Five plants to create an autumn garden

Continuing our design series with award-winning landscape company, Bowles & Wyer, this month we look at their top tips for creating a garden perfect for Autumn.

The Covid019 pandemic has made us realise just how valuable our gardens and outdoor spaces are and as we head to Autumn, we look at how best to elongate your garden’s blooms into the cooler months. Below, James Smith, design director at Bowles & Wyer, shares his autumnal planting tips. James believes that this season can be one of the most beautiful for the garden – with possibilities to create truly stunning visual effects.

Making your garden glow

Think about mixing textures, flowers and foliage. Deciduous shrubs and trees will eventually lose their leaves in Autumn but many go out with a bang! The fiery reds and oranges in species such as Euonymus alatus and Rhus typhina can create a stunning focal point to light up a dull corner of your garden. The leaves can look equally as impressive when they cover the lawn or float on a pond,” James explains.

(above: Euonymus alatus)

He also points out that Autumn is a great time for grasses too, as they have matured over the summer and their seed heads stand proud as they sway in the breeze.

Planting ideas

For flowering interest, plants like Anenomes, Liriopes and Tricyrtis formosana ‘Dark Beauty’ are great choices, although many late summer flowering plants can often go into the Autumn. Liriopes have the added benefit of evergreen foliage.”

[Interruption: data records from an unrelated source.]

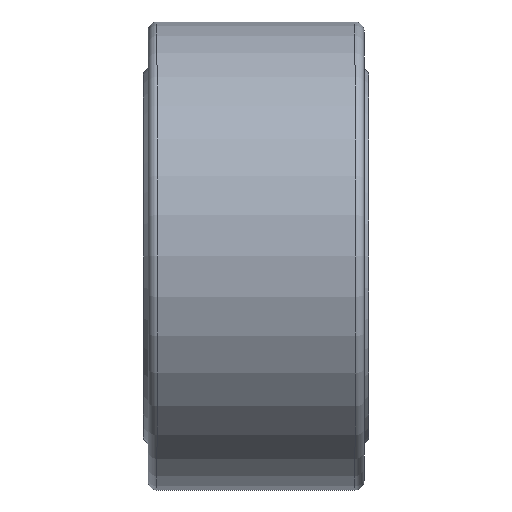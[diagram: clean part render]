
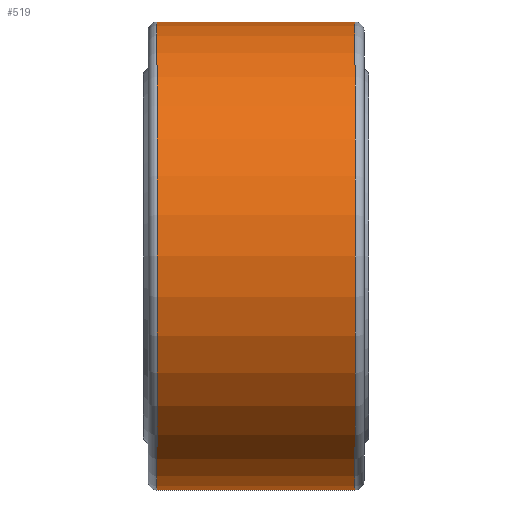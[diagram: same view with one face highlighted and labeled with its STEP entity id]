
A CAD part, front view. The second image highlights one B-rep face of the part: STEP entity #519.
In plain terms, the highlighted cylindrical face has radius 26 mm (diameter 52 mm), a full revolution.
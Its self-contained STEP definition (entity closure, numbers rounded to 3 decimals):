
#157=CYLINDRICAL_SURFACE('',#567,26.);
#173=FACE_BOUND('',#251,.T.);
#210=FACE_OUTER_BOUND('',#250,.T.);
#250=EDGE_LOOP('',(#440));
#251=EDGE_LOOP('',(#441));
#325=CIRCLE('',#566,26.);
#326=CIRCLE('',#568,26.);
#363=VERTEX_POINT('',#894);
#364=VERTEX_POINT('',#897);
#401=EDGE_CURVE('',#363,#363,#325,.T.);
#402=EDGE_CURVE('',#364,#364,#326,.T.);
#440=ORIENTED_EDGE('',*,*,#402,.F.);
#441=ORIENTED_EDGE('',*,*,#401,.F.);
#519=ADVANCED_FACE('',(#210,#173),#157,.T.);
#566=AXIS2_PLACEMENT_3D('',#895,#678,#679);
#567=AXIS2_PLACEMENT_3D('',#896,#680,#681);
#568=AXIS2_PLACEMENT_3D('',#898,#682,#683);
#678=DIRECTION('center_axis',(-1.,0.,0.));
#679=DIRECTION('ref_axis',(0.,-1.,0.));
#680=DIRECTION('center_axis',(1.,0.,0.));
#681=DIRECTION('ref_axis',(0.,1.,0.));
#682=DIRECTION('center_axis',(1.,0.,0.));
#683=DIRECTION('ref_axis',(0.,-1.,0.));
#894=CARTESIAN_POINT('',(-11.,26.,0.));
#895=CARTESIAN_POINT('Origin',(-11.,0.,0.));
#896=CARTESIAN_POINT('Origin',(0.,0.,
0.));
#897=CARTESIAN_POINT('',(11.,26.,0.));
#898=CARTESIAN_POINT('Origin',(11.,0.,0.));
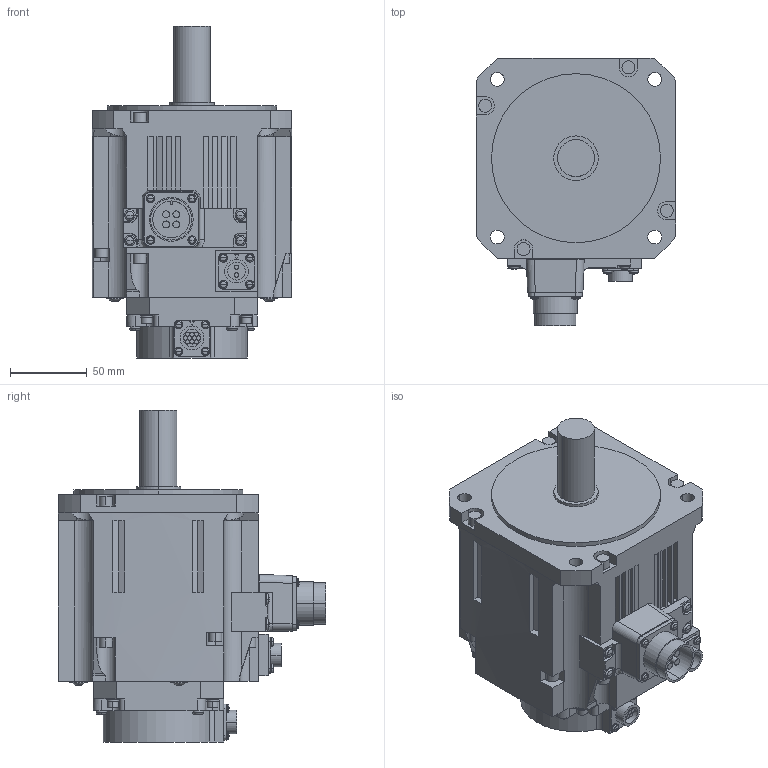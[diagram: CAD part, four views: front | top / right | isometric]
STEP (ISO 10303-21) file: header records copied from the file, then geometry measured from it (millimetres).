
FILE_DESCRIPTION((''),'2;1');
FILE_NAME('HK-ST102WB_','2019-01-17T',('XE90682'),(''),'CREO PARAMETRIC BY PTC INC, 2016380','CREO PARAMETRIC BY PTC INC, 2016380','');
FILE_SCHEMA(('CONFIG_CONTROL_DESIGN'));
Length unit declared in the file: millimetre
Products named in the file (1): HK-ST102WB_
Bounding box: 130 x 173.8 x 216 mm (x, y, z)
Volume: 2118678.7 mm3; surface area: 131330 mm2
Topology: 1 solids, 1 shells, 624 faces, 1534 edges, 968 vertices
Faces by surface type: plane 305, cylinder 223, sphere 46, torus 40, cone 8, bspline 2
Entity records: 19074 total; most frequent: CARTESIAN_POINT 4004, DIRECTION 3306, ORIENTED_EDGE 2988, EDGE_CURVE 1494, AXIS2_PLACEMENT_3D 1234, VERTEX_POINT 968, VECTOR 838, LINE 838

Berries are always an important part of autumn and James points out that the old favourites, such as all the Cotoneaster varieties are suitable: “Cotoneaster horizontalis is less used than it should be but offers both berries and autumn colour. Some other shrubs such as Cornus kousa or Arbutus unedo offer fantastic, exotic-looking fruits in late summer and early Autumn.”

What should you consider when choosing autumnal planting?

James points out that we should think about backdrops here that can really accentuate the colour of Autumn leaves and flowers: “It’s important to think about the view from key windows – so you can see and experience the seasonal change, even on a rainy day. Mixing different textures and foliage is always good and can be just as interesting as seeing flowers, and can look like sculptures in their own right,” he says.

James’ top tip is that plants in shady corners can help to brighten the spades when they burst into colour, and suggests that you could position plants next to walls and entrances to make them a real feature.

(above: Rhus typhina -Staghorn Sumac)

Five Autumn plants

James suggests: Anemone x hybrida ‘Honorine Jobert’; Euonymus alatus; Nassella tenuissima (perfect for introducing movement into planting); Panicum virgatum ‘Rehbraun’;
Calamagrostis x acutiflora ‘Karl Foerster’ (upright architectural grass with lovely oat-coloured seed heads – great against a dark fence); Lirope Muscari, otherwise known as Big Blue Lilyturf (good choice for ground cover planting); Rhus typhina (known as Staghorn Sumac).